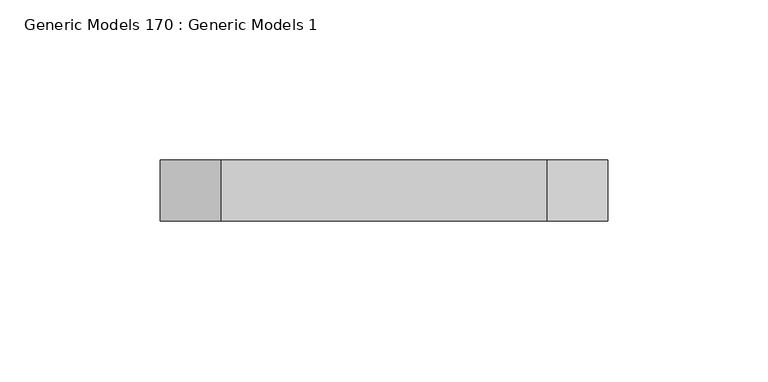
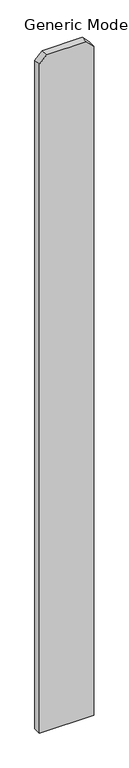
"""IFC4 building model written with IfcOpenShell, lengths in millimetres: proxy geometry, Generic Models 170 : Generic Models 1."""

from ifc_helpers import new_model, si_unit, frame, origin, place, context, project, spatial, polyline, outline, extrude, source, transform, mapped, element, save


def generic_models_170_generic_models_1_cb0b62f2(model_context):
    return source(origin(), model_context, "Body", "SweptSolid", [
        extrude(outline(polyline([(76.2, -248896.1875), (1885.95, -248896.1875), (1905.0, -248915.2375), (1905.0, -249016.8375), (1885.95, -249035.8875), (76.2, -249035.8875), (76.2, -248896.1875)])), frame((0.0, 547.6875, 0.0), z_axis=(0.0, 1.0, 0.0), x_axis=(0.0, 0.0, 1.0)), (0.0, 0.0, 1.0), 19.05),
    ])


if __name__ == "__main__":
    model = new_model("IFC4")
    model_context = context("Model", 3, world=origin())
    ifc_project = project(units=[si_unit("LENGTHUNIT", "METRE", prefix="MILLI")], contexts=[model_context])
    site = spatial("IfcSite", under=ifc_project)
    building = spatial("IfcBuilding", under=site)
    placement = place(None, origin())
    generic_models_170_generic_models_1_shape = generic_models_170_generic_models_1_cb0b62f2(model_context)
    element("IfcBuildingElementProxy", 1, Name="Generic Models 170 : Generic Models 1", ObjectType="Generic Models 170 : Generic Models 1", at=placement, inside=building, context=model_context, shape_type="MappedRepresentation", body=[
        mapped(generic_models_170_generic_models_1_shape, transform((0.0, 0.0, 0.0), x_axis=(1.0, 0.0, 0.0), y_axis=(0.0, 1.0, 0.0), z_axis=(0.0, 0.0, 1.0))),
    ])
    save(model, "model.ifc")

# Revit data of these elements
# Element 1 (IfcBuildingElementProxy, "Generic Models 170 : Generic Models 1")
#   Materials on its faces: "VERTICAL 1X6 CEDAR PLANKS W/ CLEAR WOOD SEALER"
# Materials
#   "VERTICAL 1X6 CEDAR PLANKS W/ CLEAR WOOD SEALER": class "Wood", colour RGB 234 198 147, transparency 0, Description = "Pinus Echinata", Cost = 0

========================================

WHAT IS NEEDED:
Your answer should be a single number: how many lines of the listing hold the string "under".

ANSWER FOR THE TASK:
2